A train going uphill updates its position according to: new position = old position + velocity x length of time-step + noise. The noise represents the train randomly slipping and sliding back down. We observe the train through a remote sensor, producing noisy observations of its position.

You receive a data set with past recordings.

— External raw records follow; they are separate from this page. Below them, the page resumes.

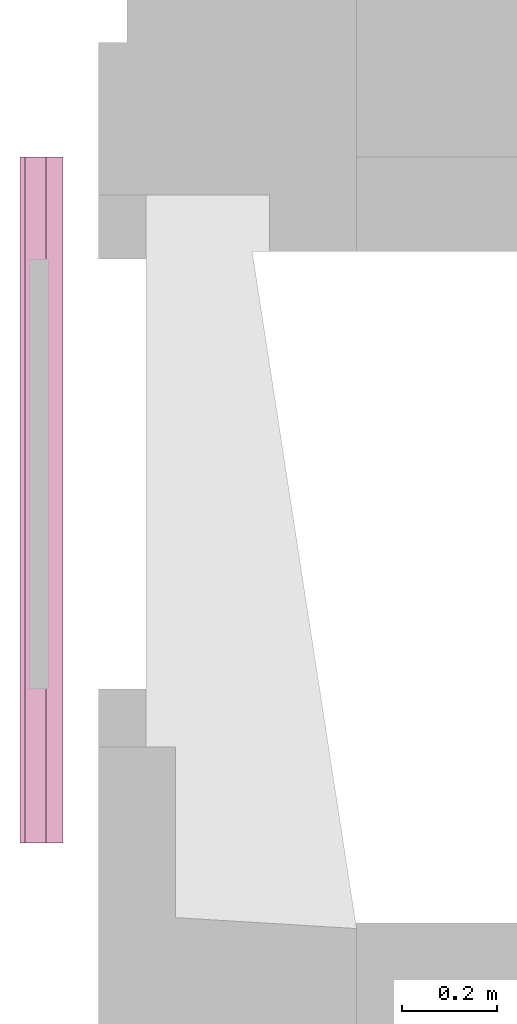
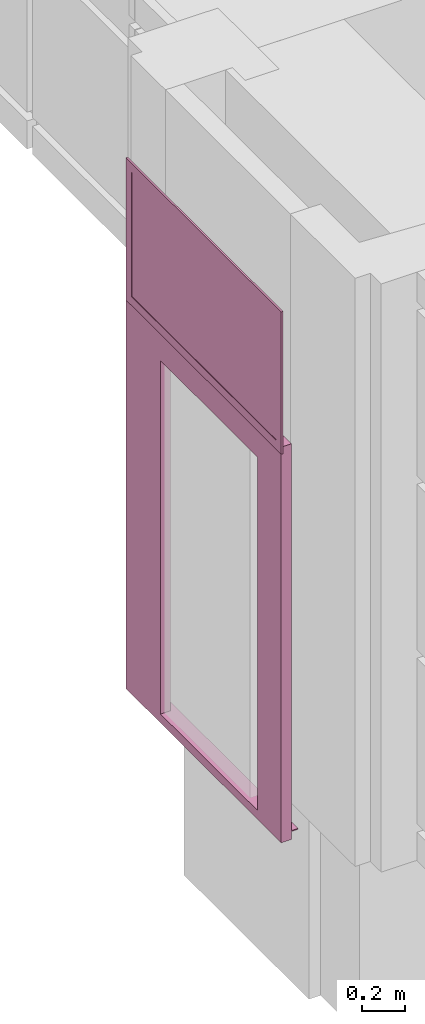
# One storey, part 73 of 73: 2 transport elements.
"""IFC2X3 building model written with IfcOpenShell, lengths in millimetres."""

from ifc_helpers import new_model, entity, si_unit, converted_unit, derived_unit, direction, frame, frame_2d, origin, origin_2d_with_axis, place, context, subcontext, project, spatial, polyline, rectangle, outline, extrude, source, transform, mapped, material, material_list, type_object, type_shapes, element, save


model = new_model("IFC2X3")

# Units and contexts
model_context = context("Model", 3, precision=0.01, world=origin(), true_north=direction((6.12303176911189e-17, 1.0)))
body_context = subcontext(model_context, "Body", "Model", "MODEL_VIEW")
ifc_project = project(units=[si_unit("LENGTHUNIT", "METRE", prefix="MILLI"), si_unit("AREAUNIT", "SQUARE_METRE"), si_unit("VOLUMEUNIT", "CUBIC_METRE"), converted_unit("PLANEANGLEUNIT", "DEGREE", entity("IfcRatioMeasure", 0.0174532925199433), si_unit("PLANEANGLEUNIT", "RADIAN"), dimensions=[0, 0, 0, 0, 0, 0, 0]), si_unit("MASSUNIT", "GRAM", prefix="KILO"), derived_unit("MASSDENSITYUNIT", [(si_unit("MASSUNIT", "GRAM", prefix="KILO"), 1), (si_unit("LENGTHUNIT", "METRE"), -3)]), si_unit("TIMEUNIT", "SECOND"), si_unit("FREQUENCYUNIT", "HERTZ"), si_unit("THERMODYNAMICTEMPERATUREUNIT", "DEGREE_CELSIUS"), derived_unit("THERMALTRANSMITTANCEUNIT", [(si_unit("MASSUNIT", "GRAM", prefix="KILO"), 1), (si_unit("THERMODYNAMICTEMPERATUREUNIT", "KELVIN"), -1), (si_unit("TIMEUNIT", "SECOND"), -3)]), derived_unit("VOLUMETRICFLOWRATEUNIT", [(si_unit("LENGTHUNIT", "METRE"), 3), (si_unit("TIMEUNIT", "SECOND"), -1)]), si_unit("ELECTRICCURRENTUNIT", "AMPERE"), si_unit("ELECTRICVOLTAGEUNIT", "VOLT"), si_unit("POWERUNIT", "WATT"), si_unit("FORCEUNIT", "NEWTON", prefix="KILO"), si_unit("ILLUMINANCEUNIT", "LUX"), si_unit("LUMINOUSFLUXUNIT", "LUMEN"), si_unit("LUMINOUSINTENSITYUNIT", "CANDELA"), derived_unit("USERDEFINED", [(si_unit("MASSUNIT", "GRAM", prefix="KILO"), -1), (si_unit("LENGTHUNIT", "METRE"), -2), (si_unit("TIMEUNIT", "SECOND"), 3), (si_unit("LUMINOUSFLUXUNIT", "LUMEN"), 1)]), derived_unit("LINEARVELOCITYUNIT", [(si_unit("LENGTHUNIT", "METRE"), 1), (si_unit("TIMEUNIT", "SECOND"), -1)]), si_unit("PRESSUREUNIT", "PASCAL"), derived_unit("USERDEFINED", [(si_unit("LENGTHUNIT", "METRE"), -2), (si_unit("MASSUNIT", "GRAM", prefix="KILO"), 1), (si_unit("TIMEUNIT", "SECOND"), -2)])], contexts=[model_context])

# Site, building, storey
site_placement = place(None, frame((-151.875543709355, 2715.0, 0.0)))
site = spatial("IfcSite", under=ifc_project, at=site_placement, Name="Surface", CompositionType="ELEMENT")
building_placement = place(site_placement, origin())
building = spatial("IfcBuilding", under=site, at=building_placement, CompositionType="ELEMENT")
storey_placement = place(building_placement, frame((0.0, 0.0, 6730.43000000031)))
storey = spatial("IfcBuildingStorey", under=building, at=storey_placement, Name="3 korrus", CompositionType="ELEMENT", Elevation=6730.43000000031)

# Transport element
ifc_material_1 = material(Name="Kalea_RAL_9016")
transport_element_type_1 = type_object("IfcTransportElementType", Name="1100 x 1467 - Left hinged", PredefinedType="NOTDEFINED", material=ifc_material_1)
shared_shape_1 = source(origin(), body_context, "Body", "SweptSolid", [
    extrude(outline(polyline([(-31.6666666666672, -31.6666666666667), (18.3333333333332, -31.6666666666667), (18.3333333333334, 58.3333333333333), (13.3333333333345, 58.3333333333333), (13.3333333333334, -26.6666666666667), (-31.6666666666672, -26.6666666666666), (-31.6666666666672, -31.6666666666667)])), frame((0.0, -31.6666666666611, 31.6666666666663), z_axis=(1.0, 0.0, 0.0), x_axis=(0.0, 0.0, 1.0)), (0.0, 0.0, 1.0), 1440.0),
    extrude(outline(polyline([(-720.0, -1120.0), (720.0, -1120.0), (720.0, 1120.0), (-720.0, 1120.0), (-720.0, -1120.0)]), holes=[polyline([(-500.0, -930.0), (-500.0, 1070.0), (400.0, 1070.0), (400.0, -930.0), (-500.0, -930.0)])]), frame((720.0, -55.0, 1120.0), z_axis=(0.0, 1.0, 0.0), x_axis=(1.0, 0.0, 0.0)), (0.0, 0.0, 1.0), 55.0),
])
type_shapes(transport_element_type_1, [shared_shape_1])
transport_element_1_placement = place(storey_placement, frame((-706.883383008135, 4570.0, -50.0), z_axis=(0.0, 0.0, 1.0), x_axis=(0.0, 1.0, 0.0)))
element("IfcTransportElement", 1, at=transport_element_1_placement, inside=storey, type_object=transport_element_type_1, material=ifc_material_1, Name="A-side_Door_EI60G:1100 x 1467 - Left hinged", ObjectType="1100 x 1467 - Left hinged", CapacityByNumber=0.0, CapacityByWeight=0.0, OperationType="NOTDEFINED", context=body_context, shape_type="MappedRepresentation", body=[
    mapped(shared_shape_1, transform((0.0, 0.0, 0.0), scale=1.0)),
])

# Space
space_placement = place(storey_placement, origin())
space = spatial("IfcSpace", under=storey, at=space_placement, Name="303", CompositionType="ELEMENT", InteriorOrExteriorSpace="INTERNAL")

# Transport element
ifc_material_2 = material(Name="Kalea_glass")
ifc_material_3 = material(Name="Kalea_glass_black")
ifc_material_list_1 = material_list([ifc_material_2, ifc_material_3, ifc_material_1])
ifc_material_list_2 = material_list([ifc_material_2, ifc_material_3, ifc_material_1])
transport_element_type_2 = type_object("IfcTransportElementType", Name="1100 x 1467 - 805", PredefinedType="NOTDEFINED", material=ifc_material_list_2)
shared_shape_2 = source(origin(), body_context, "Body", "SweptSolid", [
    extrude(rectangle(XDim=4.0, YDim=1020.0, at=origin_2d_with_axis()), frame((880.0, 15.0, 50.0), z_axis=(0.0, 0.0, 1.0), x_axis=(0.0, 1.0, 0.0)), (0.0, 0.0, 1.0), 705.0),
    extrude(rectangle(XDim=4.0, YDim=320.0, at=frame_2d((-2.1094237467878e-15, -1.4210854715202e-14), x_axis=(1.0, 0.0))), frame((210.0, 15.0, 50.0), z_axis=(0.0, 0.0, 1.0), x_axis=(0.0, 1.0, 0.0)), (0.0, 0.0, 1.0), 705.0),
    extrude(outline(polyline([(-720.0, -402.500000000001), (720.0, -402.500000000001), (720.0, 402.500000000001), (-720.0, 402.500000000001), (-720.0, -402.500000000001)]), holes=[polyline([(-670.0, -352.499999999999), (-670.0, 352.500000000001), (670.0, 352.500000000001), (670.0, -352.499999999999), (-670.0, -352.499999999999)])]), frame((720.0, 10.0, 402.500000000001), z_axis=(0.0, 1.0, 0.0), x_axis=(1.0, 0.0, 0.0)), (0.0, 0.0, 1.0), 9.99999999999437),
])
type_shapes(transport_element_type_2, [shared_shape_2])
transport_element_2_placement = place(space_placement, frame((-716.883383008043, 6010.0, 2149.5699999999), z_axis=(0.0, 0.0, 1.0), x_axis=(0.0, -1.0, 0.0)))
element("IfcTransportElement", 2, at=transport_element_2_placement, inside=space, type_object=transport_element_type_2, material=ifc_material_list_1, Name="A-side_Glass Panel:1100 x 1467 - 805", ObjectType="1100 x 1467 - 805", CapacityByNumber=0.0, CapacityByWeight=0.0, OperationType="NOTDEFINED", context=body_context, shape_type="MappedRepresentation", body=[
    mapped(shared_shape_2, transform((0.0, 0.0, 0.0), scale=1.0)),
])

save(model, "model.ifc")

Your job is to set up an online filtering system, which can be deployed later on to process the incoming signal in real-time.

In [12]:
signal = load("../datasets/alpinerails_filtering.jld");

# Unpack data
states = signal["X"]
observations = signal["Y"]
transition = signal["A"]
emission = signal["C"]
process_noise = signal["Q"]
measurement_noise = signal["R"]
T = signal["T"]
Δt = signal["Δt"];

# Size
M = size(states,1)
N = size(observations,1)

# Visualize
plot(1:T, states[1,:], color="red", label="states", grid=false, xlabel="time (t)", ylabel="train position")
scatter!(1:T, observations[1,:], color="black", label="observations")

Out[12]:

### Model specification¶

We define noisy observations $y_k \in \mathbb{R}^{1}$ with latent states $x_k \in \mathbb{R}^{2}$. Observations $y_k$ are generated through a Gaussian likelihood centered on an emission matrix $C$ times the current state $x_k$ perturbed by measurement noise with covariance matrix $R$. State transitions follow a Gaussian distribution centered on a transition matrix $A$ times the previous state perturbed by process noise with covariance matrix $Q$. In equation form, these are:

\begin{align} p(x_k \mid x_{k-1}) =&\ \mathcal{N}(x_k \mid A x_{k-1}, Q)\\ p(y_k \mid x_k) =&\ \mathcal{N}(y_k \mid C x_k, R) \, . \end{align}

We have a prior for the previous state $x_{k-1} \sim \mathcal{N}(m_{k-1}, V_{k-1})$. In filtering problems, we feed the estimates of the current states as the parameters for the previous state in the next time-step.

In [13]:
# Initialize a graph
graph2 = FactorGraph()

# Define initial state prior
@RV x_kmin1 ~ GaussianMeanVariance(placeholder(:m_kmin1, dims=(M,)),
placeholder(:V_kmin1, dims=(M,M)))

# State transition
@RV x_k ~ GaussianMeanVariance(transition * x_kmin1, process_noise)

# Observation likelihood
@RV y_k ~ GaussianMeanVariance(dot(emission, x_k), measurement_noise)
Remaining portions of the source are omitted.